§ DATA RECORDS:

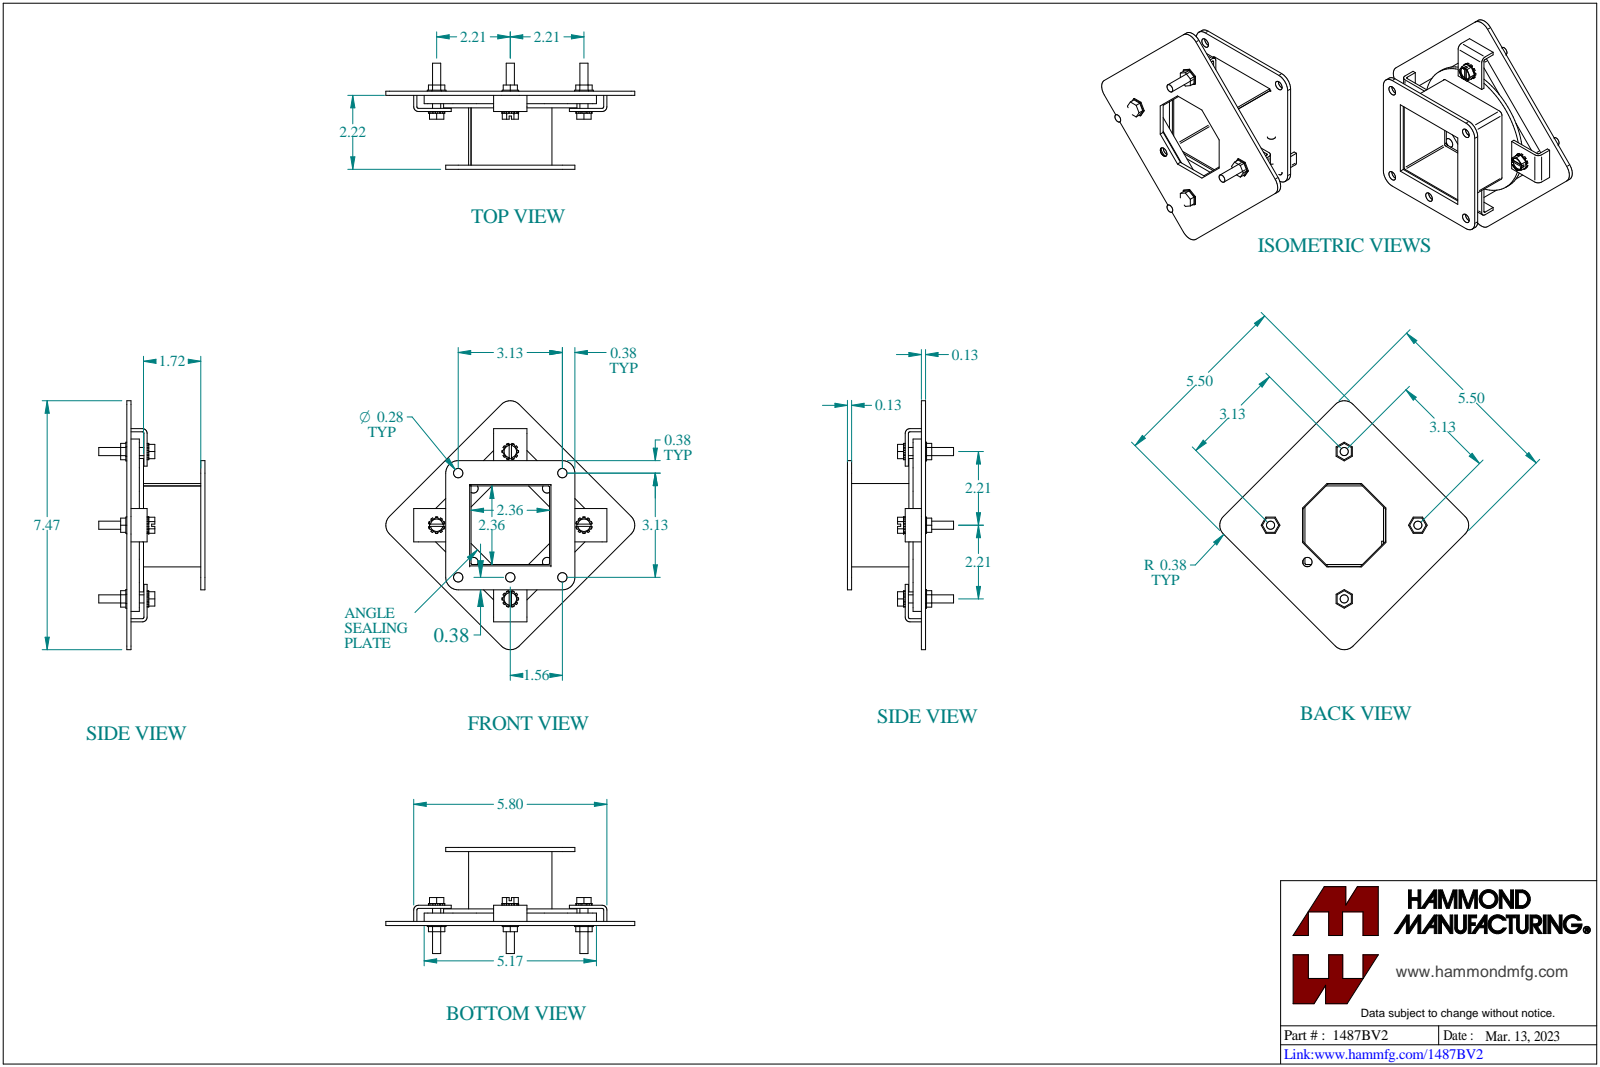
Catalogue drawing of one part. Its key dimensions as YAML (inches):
part_name: "1487BV2"
step_written_by: "SolidWorks 2023 (CONFIG_CONTROL_DESIGN)"
units: inches
bodies: {solids: 22, faces: 532, planar: 342, cylindrical: 180, other: 10}
overall_size: [7.468, 7.468, 3.309]
volume: 10.32
surface_area: 195
round_holes:
  - {diameter: 0.281, count: 16}
  - {diameter: 0.196, count: 4}
  - {diameter: 0.258, count: 4}
  - {diameter: 0.312, count: 4}
  - {diameter: 0.375, count: 2}
  - {diameter: 0.375, count: 2}
round_bosses_or_shafts:
  - {diameter: 0.244, count: 4}
  - {diameter: 4, count: 1}
partial_cylinders:
  - {radius: 0.25, count: 12}
  - {radius: 0.375, count: 12}
  - {radius: 0.048, count: 4}
  - {radius: 0.062, count: 4}
  - {radius: 0.143, count: 4}
  - {radius: 0.036, count: 3}
  - {radius: 0.108, count: 3}
face_to_face_distances: [0.125, 2.218, 0.25, 1.968, 2.093, 2.343, 2.428, 0.072, 0.125, 0.375]
hole_center_spacings: [3.494, 1.563, 2.706, 1.196, 3.125, 2.209, 4.083, 3.772]
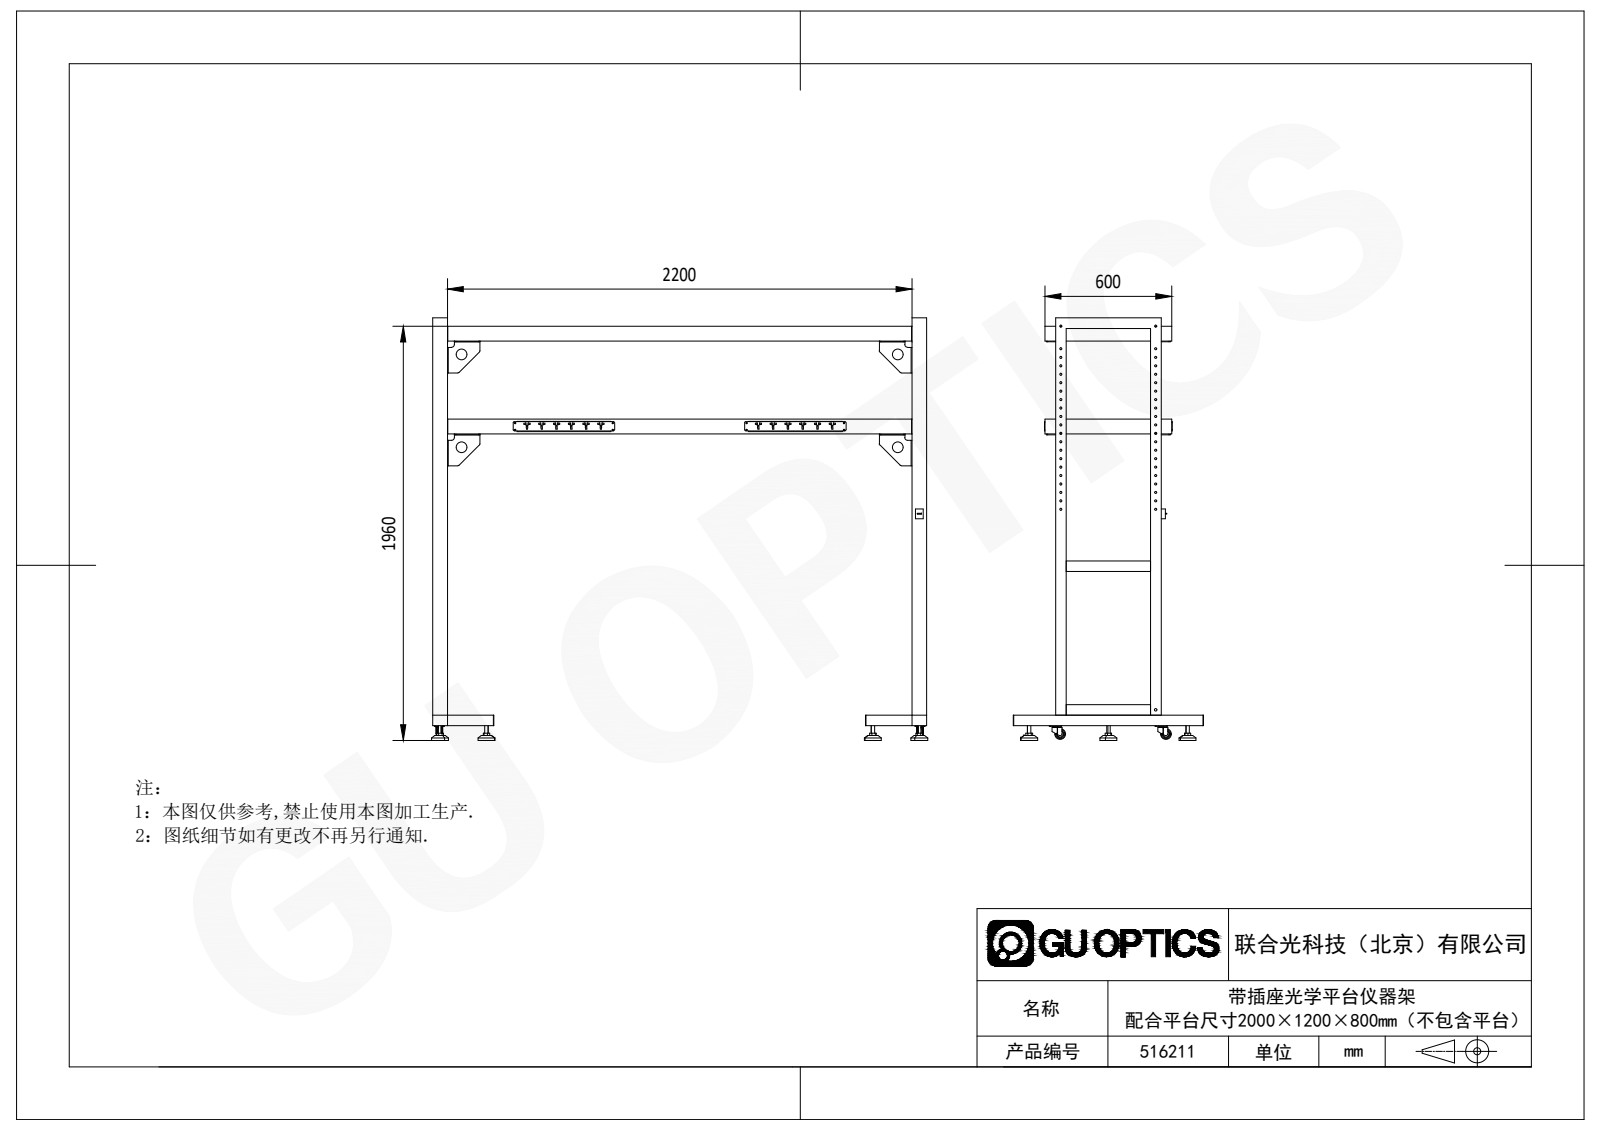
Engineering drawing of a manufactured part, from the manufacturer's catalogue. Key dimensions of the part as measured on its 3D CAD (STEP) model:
Part name (STEP PRODUCT): 516211
STEP written by: SolidWorks 2020 (CONFIG_CONTROL_DESIGN)
Units: millimetres
Bodies: 59 solids, 2591 faces (1443 planar, 1072 cylindrical, 76 other)
Overall size (bounding box): 2350 × 2001 × 900
Volume: 23 540 000 mm³ · Surface area: 16 710 000 mm²
Round holes (diameter × count): ⌀9 ×66, ⌀6.1 ×16, ⌀10 ×16, ⌀6.5 ×12, ⌀4.2 ×8, ⌀5.2 ×8, ⌀6 ×8, ⌀17 ×6, ⌀18 ×6, ⌀26 ×6, ⌀69 ×6, ⌀3.2 ×4
Round bosses / shafts (diameter × count): ⌀80 ×6, ⌀16 ×6, ⌀26 ×4, ⌀18 ×4, ⌀50 ×2, ⌀10 ×2
Partial cylindrical surfaces — rounded edges, fillets, slot ends (radius × count): R5 ×36, R7 ×24, R3 ×16, R4.25 ×12, R1.5 ×8, R1.51 ×8, R4.01 ×8, R13 ×4
Main face-to-face distances: 440, 1.5, 3, 70, 2, 50, 67, 2.5, 438.5, 67.5
Hole centre spacings: 40, 80, 120, 280, 160, 200, 240, 320
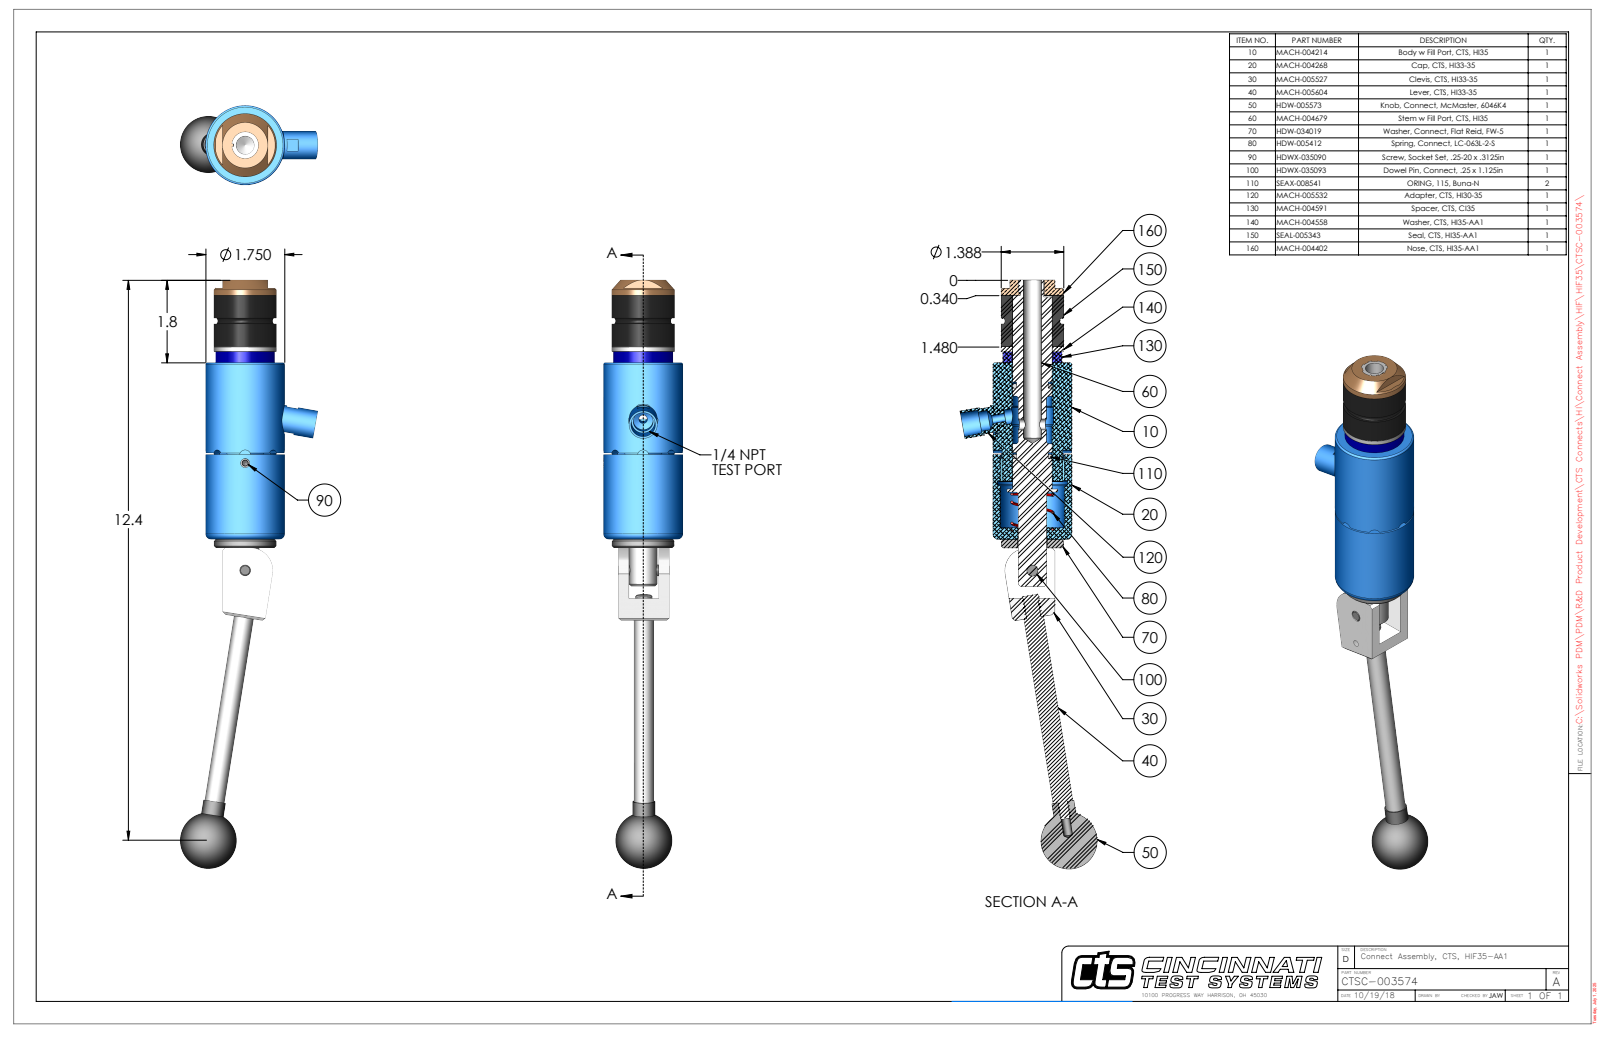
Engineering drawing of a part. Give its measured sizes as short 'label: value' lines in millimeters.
name: CTSC-003574
written by: SolidWorks 2023 (AUTOMOTIVE_DESIGN)
unit: mm
bodies: 11 solids, 296 faces (109 planar, 121 cylindrical, 66 other)
size: 331.3 × 77.3 × 44.5
volume: 242 700 mm³; area: 59 230 mm²
holes: 2× ⌀5.1, 1× ⌀3.8, 1× ⌀4.7, 1× ⌀6.3, 1× ⌀6.4, 1× ⌀6.4, 1× ⌀8, 1× ⌀10.3, 1× ⌀11.1, 1× ⌀13.5, 1× ⌀16.1, 1× ⌀16.7
bosses: 2× ⌀6.4, 1× ⌀44.5, 1× ⌀35.3, 1× ⌀35.1, 1× ⌀33.3, 1× ⌀22.1, 1× ⌀15.9, 1× ⌀15.7
rounds: 4× R3.2, 2× R0.7, 1× R6.1, 1× R8.4, 1× R12.7, 1× R17.7, 1× R20.8
face distances: 99.4, 37.8, 137.3, 29, 8.9, 108.3, 31.8, 2.8, 6.1, 105.5
hole spacings: 18.8, 60.4, 79.1

§ PROBLEM REQUIREMENTS: Whenever a line of the data holds the string "cylindrical", pick that line out.

§ ANSWER TO THE PROBLEM:
bodies: {solids: 22, faces: 532, planar: 342, cylindrical: 180, other: 10}
Bodies: 59 solids, 2591 faces (1443 planar, 1072 cylindrical, 76 other)
Partial cylindrical surfaces — rounded edges, fillets, slot ends (radius × count): R5 ×36, R7 ×24, R3 ×16, R4.25 ×12, R1.5 ×8, R1.51 ×8, R4.01 ×8, R13 ×4
bodies: 11 solids, 296 faces (109 planar, 121 cylindrical, 66 other)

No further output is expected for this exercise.